Very cool that you get to enjoy this wild show...thank you for sharing...


----------



## Brienne (Apr 29, 2015)

That's Delightful...I love your bird house...thank you for sharing


----------



## aluz (Jul 24, 2011)

That's wonderful, it's great to see the busy parents going about their lives and raising their young. Thanks for sharing the pics!


----------



## Niamhf (Dec 17, 2013)

Aww they are soooooooo CUTE! 

I'm really jealous right now and the birdhouse is gorgeous


----------



## ElenaK (Nov 30, 2014)

Vargur said:


> Lucky you! What kind? Look like baby thrushes. ( maybe remembering the name wrong..)

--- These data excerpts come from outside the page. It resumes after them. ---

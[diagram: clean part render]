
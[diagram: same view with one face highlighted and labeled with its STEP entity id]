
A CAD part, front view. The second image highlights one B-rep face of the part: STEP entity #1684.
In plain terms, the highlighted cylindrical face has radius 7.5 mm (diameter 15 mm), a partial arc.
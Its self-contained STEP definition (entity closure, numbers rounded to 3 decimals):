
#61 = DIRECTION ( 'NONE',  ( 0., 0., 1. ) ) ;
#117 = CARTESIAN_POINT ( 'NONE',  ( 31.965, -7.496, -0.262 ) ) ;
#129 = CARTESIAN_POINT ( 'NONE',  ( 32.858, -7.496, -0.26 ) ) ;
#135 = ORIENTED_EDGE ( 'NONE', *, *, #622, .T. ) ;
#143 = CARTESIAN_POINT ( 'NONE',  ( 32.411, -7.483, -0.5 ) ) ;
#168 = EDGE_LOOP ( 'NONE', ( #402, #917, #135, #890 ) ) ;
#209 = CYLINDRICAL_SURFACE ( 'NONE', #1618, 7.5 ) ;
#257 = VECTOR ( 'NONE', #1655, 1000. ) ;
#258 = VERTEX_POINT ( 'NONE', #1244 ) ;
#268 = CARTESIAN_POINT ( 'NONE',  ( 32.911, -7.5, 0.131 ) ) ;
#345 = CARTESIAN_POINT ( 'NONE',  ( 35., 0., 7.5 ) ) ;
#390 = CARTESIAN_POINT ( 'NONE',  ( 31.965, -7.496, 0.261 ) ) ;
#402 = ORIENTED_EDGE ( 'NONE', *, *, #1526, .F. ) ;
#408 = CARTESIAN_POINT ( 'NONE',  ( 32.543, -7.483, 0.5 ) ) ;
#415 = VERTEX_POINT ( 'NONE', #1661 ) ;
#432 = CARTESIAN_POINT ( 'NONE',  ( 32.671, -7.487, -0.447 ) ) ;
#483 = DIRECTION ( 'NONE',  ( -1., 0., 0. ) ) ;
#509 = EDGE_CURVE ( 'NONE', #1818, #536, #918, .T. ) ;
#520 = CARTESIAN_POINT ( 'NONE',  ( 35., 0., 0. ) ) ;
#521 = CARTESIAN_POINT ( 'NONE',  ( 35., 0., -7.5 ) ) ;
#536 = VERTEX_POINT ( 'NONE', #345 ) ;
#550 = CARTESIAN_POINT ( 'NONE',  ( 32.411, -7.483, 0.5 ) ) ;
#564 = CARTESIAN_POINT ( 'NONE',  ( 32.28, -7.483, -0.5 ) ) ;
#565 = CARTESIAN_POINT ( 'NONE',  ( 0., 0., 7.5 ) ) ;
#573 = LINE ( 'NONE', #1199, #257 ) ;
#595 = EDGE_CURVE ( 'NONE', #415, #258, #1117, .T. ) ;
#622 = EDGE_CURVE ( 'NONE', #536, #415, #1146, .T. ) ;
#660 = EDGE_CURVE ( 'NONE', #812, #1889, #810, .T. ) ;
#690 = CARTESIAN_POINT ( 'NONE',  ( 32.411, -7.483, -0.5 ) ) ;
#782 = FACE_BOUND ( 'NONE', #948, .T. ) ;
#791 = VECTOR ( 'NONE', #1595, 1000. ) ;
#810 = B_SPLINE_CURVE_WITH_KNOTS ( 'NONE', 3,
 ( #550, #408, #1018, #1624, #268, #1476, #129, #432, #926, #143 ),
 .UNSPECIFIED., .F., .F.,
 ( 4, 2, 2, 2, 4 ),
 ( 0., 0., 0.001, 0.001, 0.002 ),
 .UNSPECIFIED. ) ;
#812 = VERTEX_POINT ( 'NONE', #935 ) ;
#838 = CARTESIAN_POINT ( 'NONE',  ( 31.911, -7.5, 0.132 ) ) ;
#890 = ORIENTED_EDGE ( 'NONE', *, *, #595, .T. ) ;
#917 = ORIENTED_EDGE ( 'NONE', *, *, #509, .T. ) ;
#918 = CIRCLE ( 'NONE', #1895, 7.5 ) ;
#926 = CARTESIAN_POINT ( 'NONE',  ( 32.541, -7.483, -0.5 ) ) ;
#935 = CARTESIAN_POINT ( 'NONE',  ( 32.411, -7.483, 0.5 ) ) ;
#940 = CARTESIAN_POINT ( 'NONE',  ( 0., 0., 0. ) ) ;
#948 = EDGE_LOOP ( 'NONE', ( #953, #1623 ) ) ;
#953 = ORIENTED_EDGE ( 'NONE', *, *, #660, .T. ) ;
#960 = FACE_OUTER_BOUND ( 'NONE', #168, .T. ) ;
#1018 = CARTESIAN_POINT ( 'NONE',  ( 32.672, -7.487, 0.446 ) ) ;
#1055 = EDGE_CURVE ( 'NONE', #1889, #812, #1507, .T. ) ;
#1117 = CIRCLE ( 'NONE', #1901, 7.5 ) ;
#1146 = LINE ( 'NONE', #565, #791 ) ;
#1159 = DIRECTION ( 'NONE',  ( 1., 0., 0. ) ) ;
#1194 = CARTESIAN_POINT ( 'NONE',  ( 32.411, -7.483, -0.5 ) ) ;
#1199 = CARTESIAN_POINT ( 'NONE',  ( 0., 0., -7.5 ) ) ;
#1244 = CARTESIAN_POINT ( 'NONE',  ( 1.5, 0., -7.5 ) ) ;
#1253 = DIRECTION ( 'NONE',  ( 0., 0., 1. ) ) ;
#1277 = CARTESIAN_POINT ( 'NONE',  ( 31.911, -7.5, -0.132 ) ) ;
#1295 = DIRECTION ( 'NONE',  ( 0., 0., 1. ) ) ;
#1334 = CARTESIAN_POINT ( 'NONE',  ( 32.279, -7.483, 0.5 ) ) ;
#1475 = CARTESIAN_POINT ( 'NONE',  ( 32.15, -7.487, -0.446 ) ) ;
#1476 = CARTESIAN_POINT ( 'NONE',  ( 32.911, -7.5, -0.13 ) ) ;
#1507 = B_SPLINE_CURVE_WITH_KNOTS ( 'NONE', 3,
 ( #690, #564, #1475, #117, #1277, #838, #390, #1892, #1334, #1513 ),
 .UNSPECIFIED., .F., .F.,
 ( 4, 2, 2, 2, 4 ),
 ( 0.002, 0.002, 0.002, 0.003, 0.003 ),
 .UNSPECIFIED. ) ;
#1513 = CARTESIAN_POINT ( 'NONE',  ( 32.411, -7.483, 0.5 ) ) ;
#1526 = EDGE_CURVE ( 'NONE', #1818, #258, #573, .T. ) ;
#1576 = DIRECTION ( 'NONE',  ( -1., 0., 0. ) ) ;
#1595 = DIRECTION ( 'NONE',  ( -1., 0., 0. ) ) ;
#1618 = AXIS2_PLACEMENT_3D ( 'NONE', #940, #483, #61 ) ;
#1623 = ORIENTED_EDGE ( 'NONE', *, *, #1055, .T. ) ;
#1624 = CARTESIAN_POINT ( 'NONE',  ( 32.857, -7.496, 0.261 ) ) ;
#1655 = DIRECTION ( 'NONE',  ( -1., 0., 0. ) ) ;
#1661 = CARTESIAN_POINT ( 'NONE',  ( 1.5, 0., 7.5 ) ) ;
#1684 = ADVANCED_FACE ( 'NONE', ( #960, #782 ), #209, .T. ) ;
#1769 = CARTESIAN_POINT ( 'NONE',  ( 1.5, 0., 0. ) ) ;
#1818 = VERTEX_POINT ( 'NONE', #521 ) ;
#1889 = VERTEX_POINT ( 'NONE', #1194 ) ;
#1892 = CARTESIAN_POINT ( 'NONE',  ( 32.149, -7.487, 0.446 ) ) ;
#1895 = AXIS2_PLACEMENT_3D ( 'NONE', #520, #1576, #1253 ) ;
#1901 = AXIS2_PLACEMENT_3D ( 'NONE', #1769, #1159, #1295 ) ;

I managed to get a better look at one and I think it may be a house wren. The beak and tail position are similar. They say that they have two broods a season and sometimes even 3! That sounds like a lot of work for those poor parents. Those babies are demanding. I can't believe how many bugs they are finding .


----------



## StarlingWings (Mar 15, 2013)

Bird parents are definitely very, very hardworking!  I don't think I could do it, haha. 
They are so cute! Love that you can enjoy them by your house, that's very cool. 
Thanks for sharing!


----------



## ElenaK (Nov 30, 2014)

Brienne said:


> That's Delightful...I love your bird house...thank you for sharing





Niamhf said:


> Aww they are soooooooo CUTE!
> 
> I'm really jealous right now and the birdhouse is gorgeous


Thanks! My sister actually painted that years ago. The sequins were not initially intended to be part of the project


----------



## ElenaK (Nov 30, 2014)

StarlingWings said:


> Bird parents are definitely very, very hardworking!  I don't think I could do it, haha.
> They are so cute! Love that you can enjoy them by your house, that's very cool.
> Thanks for sharing!


Haha, I would not last long as a bird parent. I don't have the coordination to those moving beak target :laughing:. I'm not sure if it's sight but I got them a bit excited when I took the picture because of the shadow I assume as I repeated making a shadow over it two more times and they got excited each time and they do not sit still when asking for food.


----------